> _Assignment_: Only the lines from the start of the data to the line containing "Faces by surface", both included, should be output, exactly and without pictures.

### The data ###

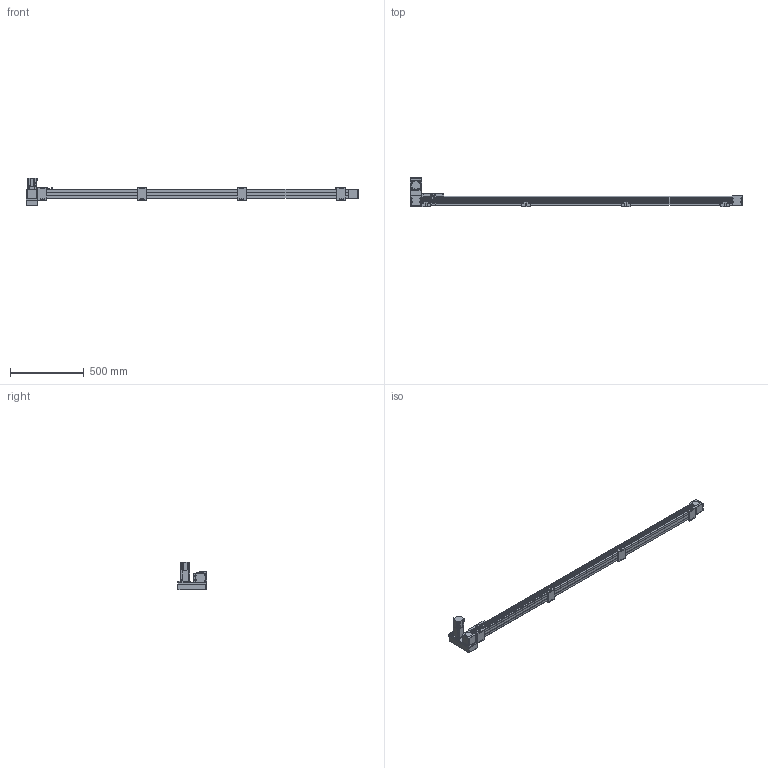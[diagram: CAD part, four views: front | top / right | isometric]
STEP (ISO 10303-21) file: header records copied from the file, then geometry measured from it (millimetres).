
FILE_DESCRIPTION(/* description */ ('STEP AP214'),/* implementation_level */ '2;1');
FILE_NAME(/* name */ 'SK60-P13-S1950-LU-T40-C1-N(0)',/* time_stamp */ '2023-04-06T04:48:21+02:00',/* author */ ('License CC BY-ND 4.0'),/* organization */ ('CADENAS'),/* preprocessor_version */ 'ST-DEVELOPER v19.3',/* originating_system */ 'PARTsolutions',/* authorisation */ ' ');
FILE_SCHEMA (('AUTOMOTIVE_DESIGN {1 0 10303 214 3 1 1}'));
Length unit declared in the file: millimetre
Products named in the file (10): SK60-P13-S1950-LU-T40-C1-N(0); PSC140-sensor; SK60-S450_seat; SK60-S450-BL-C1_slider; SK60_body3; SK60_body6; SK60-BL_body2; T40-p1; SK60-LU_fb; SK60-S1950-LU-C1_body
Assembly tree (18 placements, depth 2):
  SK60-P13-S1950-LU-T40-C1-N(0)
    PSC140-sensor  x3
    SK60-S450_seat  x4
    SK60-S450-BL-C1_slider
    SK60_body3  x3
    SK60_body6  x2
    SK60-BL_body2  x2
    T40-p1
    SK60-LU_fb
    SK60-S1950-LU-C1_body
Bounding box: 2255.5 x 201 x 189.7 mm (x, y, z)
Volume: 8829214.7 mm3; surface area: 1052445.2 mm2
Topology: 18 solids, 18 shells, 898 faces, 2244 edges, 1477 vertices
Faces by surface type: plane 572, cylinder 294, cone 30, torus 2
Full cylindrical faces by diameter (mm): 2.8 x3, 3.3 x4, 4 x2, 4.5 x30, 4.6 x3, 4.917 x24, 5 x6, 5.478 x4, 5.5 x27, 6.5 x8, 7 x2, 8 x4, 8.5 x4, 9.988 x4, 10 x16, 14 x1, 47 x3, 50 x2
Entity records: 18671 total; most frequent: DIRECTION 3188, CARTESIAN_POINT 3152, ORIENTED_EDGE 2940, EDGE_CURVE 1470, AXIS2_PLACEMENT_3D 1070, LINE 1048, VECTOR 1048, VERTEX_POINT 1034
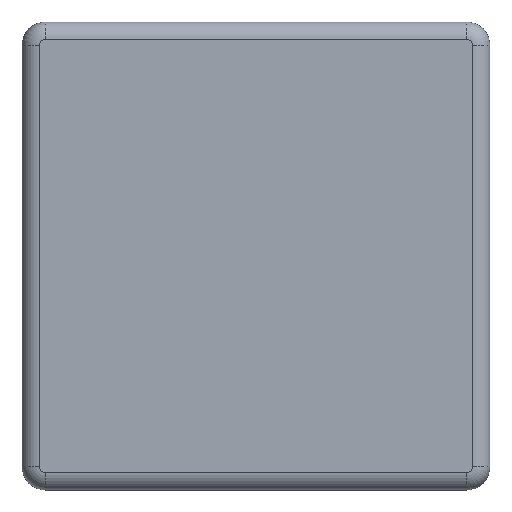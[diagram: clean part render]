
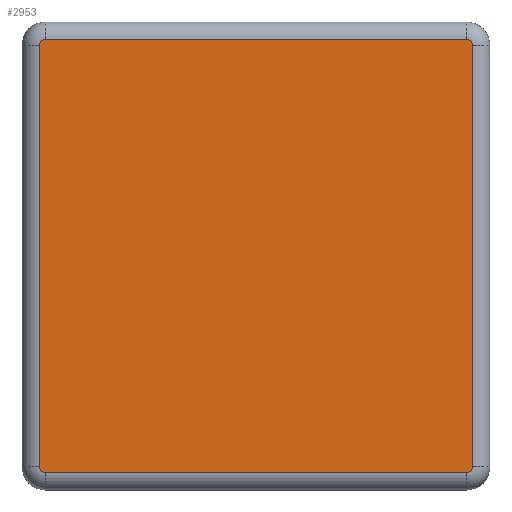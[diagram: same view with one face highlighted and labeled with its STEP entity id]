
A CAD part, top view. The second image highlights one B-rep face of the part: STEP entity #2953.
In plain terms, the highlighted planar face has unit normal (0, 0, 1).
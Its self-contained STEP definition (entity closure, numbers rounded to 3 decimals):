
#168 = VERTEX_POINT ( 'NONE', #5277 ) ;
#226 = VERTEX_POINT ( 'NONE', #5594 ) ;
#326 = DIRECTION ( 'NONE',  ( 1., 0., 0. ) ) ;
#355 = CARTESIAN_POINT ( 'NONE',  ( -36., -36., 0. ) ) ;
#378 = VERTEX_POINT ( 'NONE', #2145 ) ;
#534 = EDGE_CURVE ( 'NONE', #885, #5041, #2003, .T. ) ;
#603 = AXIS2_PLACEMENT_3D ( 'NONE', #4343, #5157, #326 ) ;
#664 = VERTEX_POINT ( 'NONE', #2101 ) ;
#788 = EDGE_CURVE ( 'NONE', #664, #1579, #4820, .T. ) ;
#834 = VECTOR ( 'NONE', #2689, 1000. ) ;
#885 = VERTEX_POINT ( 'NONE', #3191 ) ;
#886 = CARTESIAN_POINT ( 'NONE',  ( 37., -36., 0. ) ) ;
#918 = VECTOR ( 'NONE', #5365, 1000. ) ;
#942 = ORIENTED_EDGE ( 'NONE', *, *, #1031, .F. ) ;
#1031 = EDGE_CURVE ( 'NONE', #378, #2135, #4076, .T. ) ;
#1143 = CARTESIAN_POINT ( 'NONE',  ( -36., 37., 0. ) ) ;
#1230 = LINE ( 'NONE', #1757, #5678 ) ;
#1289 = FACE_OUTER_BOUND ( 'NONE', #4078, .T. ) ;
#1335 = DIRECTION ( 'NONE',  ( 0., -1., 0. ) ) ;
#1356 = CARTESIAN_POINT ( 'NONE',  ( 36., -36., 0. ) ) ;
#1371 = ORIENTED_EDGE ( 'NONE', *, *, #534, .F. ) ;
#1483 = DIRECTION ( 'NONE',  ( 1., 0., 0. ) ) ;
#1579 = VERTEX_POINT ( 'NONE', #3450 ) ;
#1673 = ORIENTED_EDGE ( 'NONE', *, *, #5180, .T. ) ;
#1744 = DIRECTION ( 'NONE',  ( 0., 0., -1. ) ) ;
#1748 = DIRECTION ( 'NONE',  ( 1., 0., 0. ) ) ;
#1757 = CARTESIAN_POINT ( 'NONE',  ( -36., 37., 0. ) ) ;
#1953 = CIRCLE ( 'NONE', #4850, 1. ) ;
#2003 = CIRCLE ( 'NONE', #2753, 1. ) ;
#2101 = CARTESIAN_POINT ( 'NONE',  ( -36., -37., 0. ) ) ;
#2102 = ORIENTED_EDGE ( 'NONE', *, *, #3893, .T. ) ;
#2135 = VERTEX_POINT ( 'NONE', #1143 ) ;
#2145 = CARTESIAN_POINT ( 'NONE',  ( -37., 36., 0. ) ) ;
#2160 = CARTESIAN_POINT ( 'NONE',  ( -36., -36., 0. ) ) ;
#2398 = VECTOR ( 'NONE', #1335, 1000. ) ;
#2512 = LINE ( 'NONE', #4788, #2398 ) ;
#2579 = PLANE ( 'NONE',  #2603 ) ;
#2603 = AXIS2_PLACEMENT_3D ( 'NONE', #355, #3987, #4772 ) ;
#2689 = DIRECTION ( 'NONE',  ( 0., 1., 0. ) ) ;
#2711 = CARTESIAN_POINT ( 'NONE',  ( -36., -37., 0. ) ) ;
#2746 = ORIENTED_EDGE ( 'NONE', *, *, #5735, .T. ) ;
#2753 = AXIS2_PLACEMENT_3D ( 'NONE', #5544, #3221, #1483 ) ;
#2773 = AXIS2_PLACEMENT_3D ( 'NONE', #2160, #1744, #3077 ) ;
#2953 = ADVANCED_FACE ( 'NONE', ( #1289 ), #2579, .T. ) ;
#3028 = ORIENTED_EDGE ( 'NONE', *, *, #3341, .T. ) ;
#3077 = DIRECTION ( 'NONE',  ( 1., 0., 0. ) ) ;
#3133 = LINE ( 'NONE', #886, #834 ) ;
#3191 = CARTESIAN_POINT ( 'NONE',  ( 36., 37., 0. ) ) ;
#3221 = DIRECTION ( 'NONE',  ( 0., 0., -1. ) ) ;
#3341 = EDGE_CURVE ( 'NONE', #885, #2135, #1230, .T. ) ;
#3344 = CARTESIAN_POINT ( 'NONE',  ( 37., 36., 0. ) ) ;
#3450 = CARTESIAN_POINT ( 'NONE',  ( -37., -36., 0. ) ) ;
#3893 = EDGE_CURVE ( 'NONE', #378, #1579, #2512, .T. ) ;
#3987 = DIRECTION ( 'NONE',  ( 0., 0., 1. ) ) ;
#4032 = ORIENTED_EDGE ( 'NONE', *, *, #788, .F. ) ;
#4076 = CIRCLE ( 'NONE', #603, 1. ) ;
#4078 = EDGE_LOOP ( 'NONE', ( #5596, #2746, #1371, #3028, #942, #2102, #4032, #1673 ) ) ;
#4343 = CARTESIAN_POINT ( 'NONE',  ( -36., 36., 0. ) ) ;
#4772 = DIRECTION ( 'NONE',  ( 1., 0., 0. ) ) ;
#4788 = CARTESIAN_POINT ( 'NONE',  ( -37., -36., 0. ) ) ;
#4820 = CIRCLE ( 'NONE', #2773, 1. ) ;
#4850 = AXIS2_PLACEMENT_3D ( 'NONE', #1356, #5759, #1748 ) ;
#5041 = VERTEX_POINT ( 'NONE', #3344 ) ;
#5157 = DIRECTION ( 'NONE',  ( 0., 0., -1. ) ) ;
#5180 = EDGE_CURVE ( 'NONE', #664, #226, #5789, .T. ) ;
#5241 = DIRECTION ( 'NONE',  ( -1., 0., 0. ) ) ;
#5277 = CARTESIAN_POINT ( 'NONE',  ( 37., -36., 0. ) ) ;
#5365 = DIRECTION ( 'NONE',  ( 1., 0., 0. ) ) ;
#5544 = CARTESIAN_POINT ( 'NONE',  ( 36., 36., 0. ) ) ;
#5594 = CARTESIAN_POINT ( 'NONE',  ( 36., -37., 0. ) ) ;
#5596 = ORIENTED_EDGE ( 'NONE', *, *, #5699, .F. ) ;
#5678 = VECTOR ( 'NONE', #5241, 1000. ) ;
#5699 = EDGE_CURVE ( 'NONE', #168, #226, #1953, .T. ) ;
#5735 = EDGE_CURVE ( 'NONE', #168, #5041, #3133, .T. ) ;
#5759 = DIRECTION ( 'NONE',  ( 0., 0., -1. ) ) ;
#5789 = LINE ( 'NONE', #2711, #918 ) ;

###

> _Solution to the problem_:
[diagram: CAD part, four views: front | top / right | isometric]
STEP (ISO 10303-21) file: header records copied from the file, then geometry measured from it (millimetres).
FILE_DESCRIPTION(/* description */ ('STEP AP214'),/* implementation_level */ '2;1');
FILE_NAME(/* name */ 'SK60-P13-S1950-LU-T40-C1-N(0)',/* time_stamp */ '2023-04-06T04:48:21+02:00',/* author */ ('License CC BY-ND 4.0'),/* organization */ ('CADENAS'),/* preprocessor_version */ 'ST-DEVELOPER v19.3',/* originating_system */ 'PARTsolutions',/* authorisation */ ' ');
FILE_SCHEMA (('AUTOMOTIVE_DESIGN {1 0 10303 214 3 1 1}'));
Length unit declared in the file: millimetre
Products named in the file (10): SK60-P13-S1950-LU-T40-C1-N(0); PSC140-sensor; SK60-S450_seat; SK60-S450-BL-C1_slider; SK60_body3; SK60_body6; SK60-BL_body2; T40-p1; SK60-LU_fb; SK60-S1950-LU-C1_body
Assembly tree (18 placements, depth 2):
  SK60-P13-S1950-LU-T40-C1-N(0)
    PSC140-sensor  x3
    SK60-S450_seat  x4
    SK60-S450-BL-C1_slider
    SK60_body3  x3
    SK60_body6  x2
    SK60-BL_body2  x2
    T40-p1
    SK60-LU_fb
    SK60-S1950-LU-C1_body
Bounding box: 2255.5 x 201 x 189.7 mm (x, y, z)
Volume: 8829214.7 mm3; surface area: 1052445.2 mm2
Topology: 18 solids, 18 shells, 898 faces, 2244 edges, 1477 vertices
Faces by surface type: plane 572, cylinder 294, cone 30, torus 2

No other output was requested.